As the frequency and severity of weather events associated with climate change intensify, a lot is at stake as the cost of climate disasters could wipe out livelihoods for hundreds of millions of Africans.
It is worrying though that only 3% of global climate finance finds its way to Africa to drive mitigation and adaptation to climate change, according to the Climate Policy Initiative. At the same time, there is also a large protection gap with a very low percentage of African weather-related losses currently being insured. A specific example is Cyclone Idai which affected Mozambique, Malawi, and Zimbabwe in 2019. According to the Swiss Re Institute, only 7% of the estimated losses to the tune of $2 billion were covered by insurance.

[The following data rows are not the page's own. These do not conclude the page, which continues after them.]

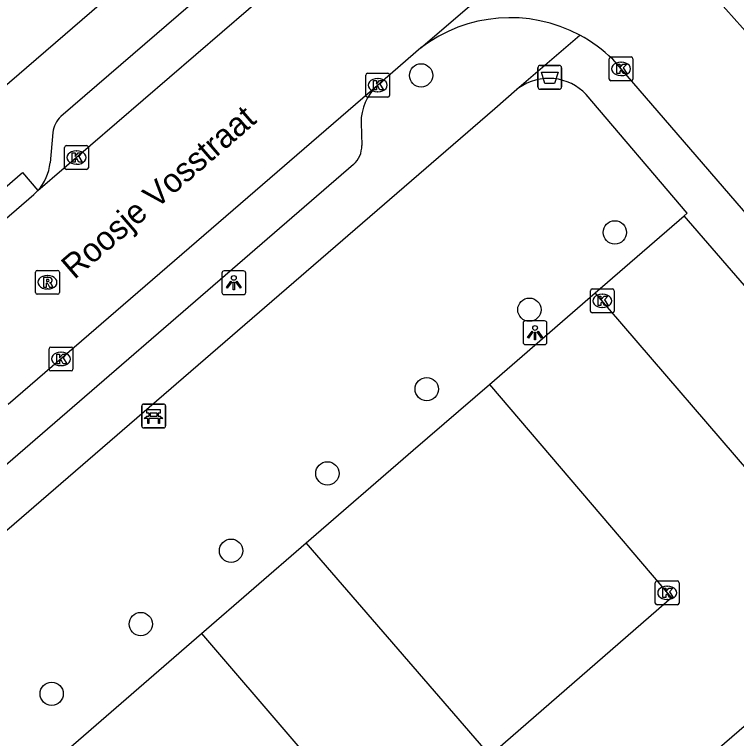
# Model space of a CAD drawing. Extents: x 160304 to 160954, y 383686 to 384161.
# Drawn here: x 160596.44 to 160626.77, y 384040.18 to 384070.59 of the extents above; entities that cross this region are included whole.
import ezdxf

# ---------------------------------------------------------------- set-up
doc = ezdxf.new("R2010")
doc.units = 0
for name, color, linetype in [('IMGEO_Afvalbak', 7, 'Continuous'), ('IMGEO_Bank', 7, 'Continuous'), ('IMGEO_Boom', 7, 'Continuous'), ('IMGEO_Kolk', 7, 'Continuous'), ('IMGEO_Lichtpunt', 7, 'Continuous'), ('IMGEO_Openbare_ruimte_label', 7, 'Continuous'), ('IMGEO_Parkeervlak_open', 7, 'Continuous'), ('IMGEO_Rijbaan_lokaal_open', 7, 'Continuous'), ('IMGEO_Rioolput', 7, 'Continuous'), ('IMGEO_Voetpad_open', 7, 'Continuous')]:
    doc.layers.add(name, color=color, linetype=linetype)

msp = doc.modelspace()

# ---------------------------------------------------------------- linework, layer by layer
at = {"layer": 'IMGEO_Afvalbak'}
for p, q in [((160618.529, 384068.447), (160619.319, 384068.447)), ((160619.319, 384068.447), (160618.529, 384068.447)), ((160618.429, 384067.547), (160618.429, 384068.347)), ((160618.429, 384068.347), (160618.429, 384067.547)), ((160619.419, 384068.347), (160619.419, 384067.547)), ((160619.419, 384067.547), (160619.419, 384068.347)), ((160619.319, 384067.447), (160618.529, 384067.447)), ((160618.529, 384067.447), (160619.319, 384067.447))]:
    msp.add_line(p, q, dxfattribs=at)
msp.add_lwpolyline([(160618.572, 384068.161), (160619.276, 384068.161), (160619.127, 384067.691), (160618.721, 384067.691), (160618.572, 384068.161)], dxfattribs=at)
for centre, start, end in [((160618.529, 384068.347), 90, 180), ((160618.529, 384068.347), 90, 180), ((160619.319, 384068.347), 0, 90), ((160619.319, 384068.347), 360, 90), ((160618.529, 384067.547), 180, 270), ((160618.529, 384067.547), 180, 270), ((160619.319, 384067.547), 270, 0), ((160619.319, 384067.547), 270, 0)]:
    msp.add_arc(centre, 0.1, start, end, dxfattribs=at)
at = {"layer": 'IMGEO_Bank'}
for p, q in [((160601.786, 384053.301), (160601.786, 384054.142)), ((160601.786, 384054.142), (160601.786, 384053.301)), ((160601.861, 384054.226), (160602.702, 384054.226)), ((160602.702, 384054.226), (160601.861, 384054.226)), ((160602.786, 384054.151), (160602.786, 384053.31)), ((160602.786, 384053.31), (160602.786, 384054.151)), ((160602.095, 384053.732), (160602.095, 384053.838)), ((160602.139, 384053.838), (160602.139, 384053.732)), ((160602.427, 384053.844), (160602.145, 384053.844)), ((160602.433, 384053.732), (160602.433, 384053.838)), ((160602.477, 384053.838), (160602.477, 384053.732)), ((160602.483, 384053.624), (160602.09, 384053.624)), ((160602.145, 384053.726), (160602.427, 384053.726)), ((160602.711, 384053.226), (160601.87, 384053.226)), ((160601.87, 384053.226), (160602.711, 384053.226))]:
    msp.add_line(p, q, dxfattribs=at)
for points in [[(160602.089, 384053.844), (160602.003, 384053.844), (160602.003, 384054.005), (160602.566, 384054.005), (160602.566, 384053.844), (160602.483, 384053.844)], [(160602.033, 384053.624), (160601.891, 384053.624), (160602.003, 384053.726), (160602.089, 384053.726)], [(160602.083, 384053.617), (160602.083, 384053.41), (160602.04, 384053.41), (160602.04, 384053.617)], [(160602.483, 384053.726), (160602.566, 384053.726), (160602.678, 384053.624), (160602.539, 384053.624)], [(160602.533, 384053.617), (160602.533, 384053.41), (160602.489, 384053.41), (160602.489, 384053.617)]]:
    msp.add_lwpolyline(points, dxfattribs=at)
for centre, radius, start, end in [((160601.864, 384054.148), 0.0779, 92.4484, 184.2845), ((160601.864, 384054.148), 0.0779, 92.4484, 184.2845), ((160602.708, 384054.148), 0.0779, 2.4484, 94.2845), ((160602.708, 384054.148), 0.0779, 2.4484, 94.2845), ((160602.088, 384053.837), 0.00671, 2.8957, 87.1043), ((160602.145, 384053.837), 0.00671, 92.8957, 177.1043), ((160602.427, 384053.837), 0.00671, 2.8957, 87.1043), ((160602.484, 384053.837), 0.00671, 92.8957, 177.1043), ((160602.033, 384053.617), 0.00671, 2.8957, 87.1043), ((160602.09, 384053.617), 0.00671, 92.8957, 177.1043), ((160602.088, 384053.733), 0.00671, 272.8957, 357.1043), ((160602.145, 384053.733), 0.00671, 182.8957, 267.1043), ((160602.427, 384053.733), 0.00671, 272.8957, 357.1043), ((160602.484, 384053.733), 0.00671, 182.8957, 267.1043), ((160602.482, 384053.617), 0.00671, 2.8957, 87.1043), ((160602.539, 384053.617), 0.00671, 92.8957, 177.1043), ((160601.864, 384053.304), 0.0779, 182.4484, 274.2845), ((160601.864, 384053.304), 0.0779, 182.4484, 274.2845), ((160602.708, 384053.304), 0.0779, 272.4484, 4.2845), ((160602.708, 384053.304), 0.0779, 272.4484, 4.2845)]:
    msp.add_arc(centre, radius, start, end, dxfattribs=at)
at = {"layer": 'IMGEO_Boom'}
for centre in [(160613.52, 384068.029), (160621.658, 384061.436), (160618.069, 384058.191), (160613.756, 384054.855), (160609.584, 384051.317), (160605.538, 384048.071), (160601.745, 384044.991), (160598.003, 384042.063)]:
    msp.add_circle(centre, 0.489, dxfattribs=at)
at = {"layer": 'IMGEO_Kolk'}
for p, q in [((160621.418, 384067.875), (160621.418, 384068.727)), ((160621.493, 384068.801), (160622.345, 384068.801)), ((160622.419, 384068.727), (160622.419, 384067.875)), ((160621.906, 384068.581), (160621.931, 384068.581)), ((160611.272, 384068.117), (160612.124, 384068.117)), ((160611.197, 384067.191), (160611.197, 384068.043)), ((160611.685, 384067.897), (160611.71, 384067.897)), ((160612.198, 384068.043), (160612.198, 384067.191)), ((160622.345, 384067.801), (160621.493, 384067.801)), ((160621.929, 384068.021), (160621.904, 384068.021)), ((160611.708, 384067.337), (160611.683, 384067.337)), ((160612.124, 384067.117), (160611.272, 384067.117)), ((160598.621, 384065.078), (160599.473, 384065.078)), ((160598.546, 384064.152), (160598.546, 384065.004)), ((160599.034, 384064.858), (160599.059, 384064.858)), ((160599.547, 384065.004), (160599.547, 384064.152)), ((160599.057, 384064.298), (160599.032, 384064.298)), ((160599.473, 384064.078), (160598.621, 384064.078)), ((160620.632, 384058.135), (160620.632, 384058.987)), ((160620.707, 384059.061), (160621.559, 384059.061)), ((160621.633, 384058.987), (160621.633, 384058.135)), ((160621.12, 384058.841), (160621.145, 384058.841)), ((160621.559, 384058.061), (160620.707, 384058.061)), ((160621.143, 384058.281), (160621.118, 384058.281)), ((160597.894, 384055.695), (160597.894, 384056.547)), ((160597.969, 384056.621), (160598.821, 384056.621)), ((160598.895, 384056.547), (160598.895, 384055.695)), ((160598.382, 384056.401), (160598.407, 384056.401)), ((160598.821, 384055.621), (160597.969, 384055.621)), ((160598.405, 384055.841), (160598.38, 384055.841)), ((160623.432, 384046.8), (160624.284, 384046.8)), ((160623.357, 384045.874), (160623.357, 384046.726)), ((160623.845, 384046.58), (160623.87, 384046.58)), ((160624.358, 384046.726), (160624.358, 384045.874)), ((160623.868, 384046.02), (160623.843, 384046.02)), ((160624.284, 384045.8), (160623.432, 384045.8))]:
    msp.add_line(p, q, dxfattribs=at)
for points in [[(160621.418, 384067.875), (160621.418, 384068.727)], [(160621.493, 384068.801), (160622.345, 384068.801)], [(160622.419, 384068.727), (160622.419, 384067.875)], [(160621.739, 384068.501), (160621.862, 384068.501), (160621.862, 384068.35), (160621.992, 384068.501), (160622.156, 384068.501), (160622.01, 384068.35), (160622.163, 384068.101), (160622.011, 384068.101), (160621.926, 384068.265), (160621.862, 384068.198), (160621.862, 384068.101), (160621.739, 384068.101), (160621.739, 384068.501)], [(160611.272, 384068.117), (160612.124, 384068.117)], [(160611.197, 384067.191), (160611.197, 384068.043)], [(160611.518, 384067.817), (160611.641, 384067.817), (160611.641, 384067.666), (160611.771, 384067.817), (160611.935, 384067.817), (160611.789, 384067.666), (160611.942, 384067.417), (160611.79, 384067.417), (160611.705, 384067.581), (160611.641, 384067.514), (160611.641, 384067.417), (160611.518, 384067.417), (160611.518, 384067.817)], [(160612.198, 384068.043), (160612.198, 384067.191)], [(160622.345, 384067.801), (160621.493, 384067.801)], [(160612.124, 384067.117), (160611.272, 384067.117)], [(160598.621, 384065.078), (160599.473, 384065.078)], [(160598.546, 384064.152), (160598.546, 384065.004)], [(160598.867, 384064.778), (160598.99, 384064.778), (160598.99, 384064.627), (160599.12, 384064.778), (160599.284, 384064.778), (160599.138, 384064.627), (160599.291, 384064.378), (160599.139, 384064.378), (160599.054, 384064.542), (160598.99, 384064.475), (160598.99, 384064.378), (160598.867, 384064.378), (160598.867, 384064.778)], [(160599.547, 384065.004), (160599.547, 384064.152)], [(160599.473, 384064.078), (160598.621, 384064.078)], [(160620.632, 384058.135), (160620.632, 384058.987)], [(160620.707, 384059.061), (160621.559, 384059.061)], [(160621.633, 384058.987), (160621.633, 384058.135)], [(160620.953, 384058.761), (160621.076, 384058.761), (160621.076, 384058.61), (160621.206, 384058.761), (160621.37, 384058.761), (160621.224, 384058.61), (160621.377, 384058.361), (160621.225, 384058.361), (160621.14, 384058.525), (160621.076, 384058.458), (160621.076, 384058.361), (160620.953, 384058.361), (160620.953, 384058.761)], [(160621.559, 384058.061), (160620.707, 384058.061)], [(160597.894, 384055.695), (160597.894, 384056.547)], [(160597.969, 384056.621), (160598.821, 384056.621)], [(160598.895, 384056.547), (160598.895, 384055.695)], [(160598.215, 384056.321), (160598.338, 384056.321), (160598.338, 384056.17), (160598.468, 384056.321), (160598.632, 384056.321), (160598.486, 384056.17), (160598.639, 384055.921), (160598.487, 384055.921), (160598.402, 384056.085), (160598.338, 384056.018), (160598.338, 384055.921), (160598.215, 384055.921), (160598.215, 384056.321)], [(160598.821, 384055.621), (160597.969, 384055.621)], [(160623.432, 384046.8), (160624.284, 384046.8)], [(160623.357, 384045.874), (160623.357, 384046.726)], [(160623.678, 384046.5), (160623.801, 384046.5), (160623.801, 384046.349), (160623.931, 384046.5), (160624.095, 384046.5), (160623.949, 384046.349), (160624.102, 384046.1), (160623.95, 384046.1), (160623.865, 384046.264), (160623.801, 384046.197), (160623.801, 384046.1), (160623.678, 384046.1), (160623.678, 384046.5)], [(160624.358, 384046.726), (160624.358, 384045.874)], [(160624.284, 384045.8), (160623.432, 384045.8)]]:
    msp.add_lwpolyline(points, dxfattribs=at)
for centre, start, end in [((160621.495, 384068.725), 91.552, 178.448), ((160621.495, 384068.725), 91.552, 178.448), ((160622.343, 384068.725), 1.552, 88.448), ((160622.343, 384068.725), 1.552, 88.448), ((160611.274, 384068.041), 91.552, 178.448), ((160611.274, 384068.041), 91.552, 178.448), ((160612.122, 384068.041), 1.552, 88.448), ((160612.122, 384068.041), 1.552, 88.448), ((160621.495, 384067.877), 181.552, 268.448), ((160621.495, 384067.877), 181.552, 268.448), ((160622.343, 384067.877), 271.552, 358.448), ((160622.343, 384067.877), 271.552, 358.448), ((160611.274, 384067.193), 181.552, 268.448), ((160611.274, 384067.193), 181.552, 268.448), ((160612.122, 384067.193), 271.552, 358.448), ((160612.122, 384067.193), 271.552, 358.448), ((160598.623, 384065.002), 91.552, 178.448), ((160598.623, 384065.002), 91.552, 178.448), ((160599.471, 384065.002), 1.552, 88.448), ((160599.471, 384065.002), 1.552, 88.448), ((160598.623, 384064.154), 181.552, 268.448), ((160598.623, 384064.154), 181.552, 268.448), ((160599.471, 384064.154), 271.552, 358.448), ((160599.471, 384064.154), 271.552, 358.448), ((160620.709, 384058.985), 91.552, 178.448), ((160620.709, 384058.985), 91.552, 178.448), ((160621.557, 384058.985), 1.552, 88.448), ((160621.557, 384058.985), 1.552, 88.448), ((160620.709, 384058.137), 181.552, 268.448), ((160620.709, 384058.137), 181.552, 268.448), ((160621.557, 384058.137), 271.552, 358.448), ((160621.557, 384058.137), 271.552, 358.448), ((160597.971, 384056.545), 91.552, 178.448), ((160597.971, 384056.545), 91.552, 178.448), ((160598.819, 384056.545), 1.552, 88.448), ((160598.819, 384056.545), 1.552, 88.448), ((160597.971, 384055.697), 181.552, 268.448), ((160597.971, 384055.697), 181.552, 268.448), ((160598.819, 384055.697), 271.552, 358.448), ((160598.819, 384055.697), 271.552, 358.448), ((160623.434, 384046.724), 91.552, 178.448), ((160623.434, 384046.724), 91.552, 178.448), ((160624.282, 384046.724), 1.552, 88.448), ((160624.282, 384046.724), 1.552, 88.448), ((160623.434, 384045.876), 181.552, 268.448), ((160623.434, 384045.876), 181.552, 268.448), ((160624.282, 384045.876), 271.552, 358.448), ((160624.282, 384045.876), 271.552, 358.448)]:
    msp.add_arc(centre, 0.0765, start, end, dxfattribs=at)
for centre, major_axis, ratio, start_param, end_param in [((160621.905, 384068.301), (-0.387, 0.002), 0.722429, 4.712389, 7.853982), ((160621.93, 384068.301), (-0.39, 0.002), 0.717154, 1.570796, 4.712389), ((160611.684, 384067.617), (-0.387, 0.002), 0.722429, 4.712389, 7.853982), ((160611.709, 384067.617), (-0.39, 0.002), 0.717154, 1.570796, 4.712389), ((160599.033, 384064.578), (-0.387, 0.002), 0.722429, 4.712389, 7.853982), ((160599.058, 384064.578), (-0.39, 0.002), 0.717154, 1.570796, 4.712389), ((160621.119, 384058.561), (-0.387, 0.002), 0.722429, 4.712389, 7.853982), ((160621.144, 384058.561), (-0.39, 0.002), 0.717154, 1.570796, 4.712389), ((160598.381, 384056.121), (-0.387, 0.002), 0.722429, 4.712389, 7.853982), ((160598.406, 384056.121), (-0.39, 0.002), 0.717154, 1.570796, 4.712389), ((160623.844, 384046.3), (-0.387, 0.002), 0.722429, 4.712389, 7.853982), ((160623.869, 384046.3), (-0.39, 0.002), 0.717154, 1.570796, 4.712389)]:
    msp.add_ellipse(centre, major_axis=major_axis, ratio=ratio, start_param=start_param, end_param=end_param, dxfattribs=at)
at = {"layer": 'IMGEO_Lichtpunt'}
for p, q in [((160605.156, 384059.726), (160605.156, 384058.919)), ((160605.156, 384059.726), (160605.156, 384058.919)), ((160606.058, 384059.821), (160605.25, 384059.821)), ((160606.058, 384059.821), (160605.25, 384059.821)), ((160606.152, 384058.919), (160606.152, 384059.726)), ((160606.152, 384058.919), (160606.152, 384059.726)), ((160605.25, 384058.825), (160606.058, 384058.825)), ((160605.25, 384058.825), (160606.058, 384058.825)), ((160617.807, 384057.625), (160617.807, 384056.818)), ((160617.807, 384057.625), (160617.807, 384056.818)), ((160618.709, 384057.72), (160617.901, 384057.72)), ((160618.709, 384057.72), (160617.901, 384057.72)), ((160618.803, 384056.818), (160618.803, 384057.625)), ((160618.803, 384056.818), (160618.803, 384057.625)), ((160617.901, 384056.724), (160618.709, 384056.724)), ((160617.901, 384056.724), (160618.709, 384056.724))]:
    msp.add_line(p, q, dxfattribs=at)
for points in [[(160605.53, 384059.39), (160605.569, 384059.362), (160605.381, 384059.1), (160605.343, 384059.127), (160605.53, 384059.39)], [(160605.632, 384059.342), (160605.679, 384059.342), (160605.679, 384059.02), (160605.632, 384059.02), (160605.632, 384059.342)], [(160605.742, 384059.362), (160605.78, 384059.389), (160605.967, 384059.127), (160605.928, 384059.099), (160605.742, 384059.362)], [(160618.181, 384057.289), (160618.22, 384057.261), (160618.032, 384056.999), (160617.994, 384057.026), (160618.181, 384057.289)], [(160618.283, 384057.241), (160618.33, 384057.241), (160618.33, 384056.919), (160618.283, 384056.919), (160618.283, 384057.241)], [(160618.393, 384057.261), (160618.431, 384057.288), (160618.618, 384057.026), (160618.579, 384056.998), (160618.393, 384057.261)]]:
    msp.add_lwpolyline(points, dxfattribs=at)
for centre in [(160605.655, 384059.524), (160618.306, 384057.423)]:
    msp.add_circle(centre, 0.0994, dxfattribs=at)
for centre, start, end in [((160605.25, 384059.726), 90, 180), ((160605.25, 384059.726), 90, 180), ((160606.058, 384059.726), 0, 90), ((160606.058, 384059.726), 0, 90), ((160605.25, 384058.919), 180, 270), ((160605.25, 384058.919), 180, 270), ((160606.058, 384058.919), 270, 0), ((160606.058, 384058.919), 270, 360), ((160617.901, 384057.625), 90, 180), ((160617.901, 384057.625), 90, 180), ((160618.709, 384057.625), 0, 90), ((160618.709, 384057.625), 0, 90), ((160617.901, 384056.818), 180, 270), ((160617.901, 384056.818), 180, 270), ((160618.709, 384056.818), 270, 0), ((160618.709, 384056.818), 270, 360)]:
    msp.add_arc(centre, 0.0946, start, end, dxfattribs=at)
at = {"layer": 'IMGEO_Parkeervlak_open'}
for points in [[(160620.836, 384058.904), (160624.569, 384062.136)], [(160608.699, 384048.399), (160613.194, 384052.29), (160616.388, 384055.055)], [(160596.702, 384038.014), (160604.299, 384044.59)]]:
    msp.add_lwpolyline(points, dxfattribs=at)
at = {"layer": 'IMGEO_Rijbaan_lokaal_open'}
for points in [[(160597.427, 384063.191), (160628.391, 384089.864)], [(160613.509, 384069.183), (160625.278, 384079.272)], [(160624.698, 384072.688), (160625.972, 384071.222), (160627.723, 384069.248)], [(160613.509, 384069.183), (160611.687, 384067.609)], [(160633.798, 384054.563), (160621.567, 384068.708)], [(160611.687, 384067.609), (160596.18, 384054.208)], [(160593.19, 384059.531), (160597.248, 384063.027), (160597.427, 384063.191)], [(160616.388, 384055.055), (160620.836, 384058.904)], [(160632.26, 384053.264), (160628.493, 384049.996), (160620.836, 384058.904)], [(160616.388, 384055.055), (160624.041, 384046.086), (160616.426, 384039.467), (160608.699, 384048.399)], [(160604.299, 384044.59), (160608.699, 384048.399)], [(160603.596, 384020.412), (160634.608, 384047.193)], [(160604.299, 384044.59), (160611.963, 384035.646), (160604.4, 384029.102), (160596.702, 384038.014)]]:
    msp.add_lwpolyline(points, dxfattribs=at)
for centre, radius, start, end in [((160617.262, 384064.262), 6.189, 61.856, 127.3301), ((160617.267, 384064.268), 6.181, 45.9145, 61.8687)]:
    msp.add_arc(centre, radius, start, end, dxfattribs=at)
at = {"layer": 'IMGEO_Rioolput'}
for p, q in [((160597.325, 384058.914), (160597.325, 384059.766)), ((160597.4, 384059.84), (160598.252, 384059.84)), ((160597.813, 384059.62), (160597.838, 384059.62)), ((160598.326, 384059.766), (160598.326, 384058.914)), ((160597.836, 384059.06), (160597.811, 384059.06)), ((160598.252, 384058.84), (160597.4, 384058.84))]:
    msp.add_line(p, q, dxfattribs=at)
for points in [[(160597.325, 384058.914), (160597.325, 384059.766)], [(160597.4, 384059.84), (160598.252, 384059.84)], [(160598.326, 384059.766), (160598.326, 384058.914)], [(160597.914, 384059.538), (160597.662, 384059.54), (160597.662, 384059.14)], [(160597.662, 384059.14), (160597.786, 384059.14), (160597.786, 384059.302), (160597.797, 384059.302)], [(160597.84, 384059.459), (160597.786, 384059.459), (160597.786, 384059.378)], [(160597.786, 384059.378), (160597.838, 384059.378)], [(160597.844, 384059.273), (160597.915, 384059.14), (160598.055, 384059.14), (160597.99, 384059.266)], [(160598.252, 384058.84), (160597.4, 384058.84)]]:
    msp.add_lwpolyline(points, dxfattribs=at)
for centre, radius, start, end in [((160597.402, 384059.764), 0.0765, 91.552, 178.448), ((160597.402, 384059.764), 0.0765, 91.552, 178.448), ((160598.25, 384059.764), 0.0765, 1.552, 88.448), ((160598.25, 384059.764), 0.0765, 1.552, 88.448), ((160597.796, 384059.249), 0.0533, 26.0293, 88.6989), ((160597.822, 384059.567), 0.19, 274.7715, 282.9687), ((160597.846, 384059.363), 0.0964, 77.0061, 93.1865), ((160597.86, 384059.42), 0.0378, 276.6634, 79.6772), ((160597.913, 384059.428), 0.109, 350.3612, 89.416), ((160597.911, 384059.428), 0.112, 277.5842, 350.9817), ((160597.895, 384059.213), 0.108, 29.5134, 73.7905), ((160597.402, 384058.916), 0.0765, 181.552, 268.448), ((160597.402, 384058.916), 0.0765, 181.552, 268.448), ((160598.25, 384058.916), 0.0765, 271.552, 358.448), ((160598.25, 384058.916), 0.0765, 271.552, 358.448)]:
    msp.add_arc(centre, radius, start, end, dxfattribs=at)
for centre, major_axis, ratio, start_param, end_param in [((160597.812, 384059.34), (-0.387, 0.002), 0.722429, 4.712389, 7.853982), ((160597.837, 384059.34), (-0.39, 0.002), 0.717154, 1.570796, 4.712389)]:
    msp.add_ellipse(centre, major_axis=major_axis, ratio=ratio, start_param=start_param, end_param=end_param, dxfattribs=at)
at = {"layer": 'IMGEO_Voetpad_open'}
for points in [[(160630.096, 384096.946), (160594.287, 384066.063)], [(160631.761, 384095.048), (160598.394, 384066.298)], [(160617.548, 384067.446), (160620.181, 384069.719)], [(160624.569, 384062.136), (160624.698, 384062.247), (160620.453, 384067.225), (160620.314, 384067.36), (160620.164, 384067.481), (160620.003, 384067.589), (160619.834, 384067.682), (160619.657, 384067.76), (160619.473, 384067.821), (160619.285, 384067.866), (160619.094, 384067.894), (160618.9, 384067.904), (160618.707, 384067.897), (160618.515, 384067.873), (160618.424, 384067.853), (160618.326, 384067.832), (160618.142, 384067.775), (160617.963, 384067.701), (160617.792, 384067.611), (160617.629, 384067.506), (160617.548, 384067.446)], [(160588.993, 384042.795), (160607.555, 384058.819), (160616.616, 384066.641), (160617.548, 384067.446)], [(160610.997, 384066.031), (160611.028, 384065.08)], [(160598.051, 384065.632), (160597.934, 384064.359)], [(160610.683, 384064.29), (160592.733, 384048.779)], [(160593.19, 384059.531), (160592.537, 384060.288), (160596.775, 384063.949), (160597.427, 384063.191)], [(160632.26, 384053.264), (160624.569, 384062.136)]]:
    msp.add_lwpolyline(points, dxfattribs=at)
for centre, radius, start, end in [((160613.089, 384066.056), 2.092, 132.0807, 180.6834), ((160599.051, 384065.538), 1.004, 130.8562, 174.6455), ((160610.028, 384065.046), 1, 310.884, 1.9333), ((160595.923, 384064.538), 2.019, 318.1536, 354.9174)]:
    msp.add_arc(centre, radius, start, end, dxfattribs=at)

# ---------------------------------------------------------------- texts
at = {"layer": 'IMGEO_Openbare_ruimte_label'}
msp.add_text('Roosje Vosstraat', height=1, rotation=40.8249, dxfattribs=at).set_placement((160598.957, 384059.431))

doc.saveas('drawing.dxf')

The insurance industry can play a vital role in responding to the climate change crisis by driving both mitigation and adaptation to climate change in various ways. First, insurance companies are experts in assessing risks. They can use their knowledge and data to analyze the potential impacts of climate change on various sectors and help governments and communities understand the risks they face. By quantifying the potential financial losses, insurance can provide a clear indicator of the severity of the risks, helping to prioritize resilience efforts.
Insurance companies can also incorporate climate risks into their pricing models. By charging higher premiums for areas exposed to greater climate risks, insurance incentivizes individuals and businesses to take measures to reduce their vulnerability. This can help drive investment in climate resilience measures such as retrofitting buildings to withstand extreme weather events or adopting sustainable farming practices.
Insurers can also play an active role in risk reduction and prevention. They can offer risk management services, guiding how to mitigate the effects of climate change. This can include suggestions for adaptation measures, such as implementing flood prevention infrastructure or diversifying crop portfolios to reduce vulnerability to climate-related agricultural risks.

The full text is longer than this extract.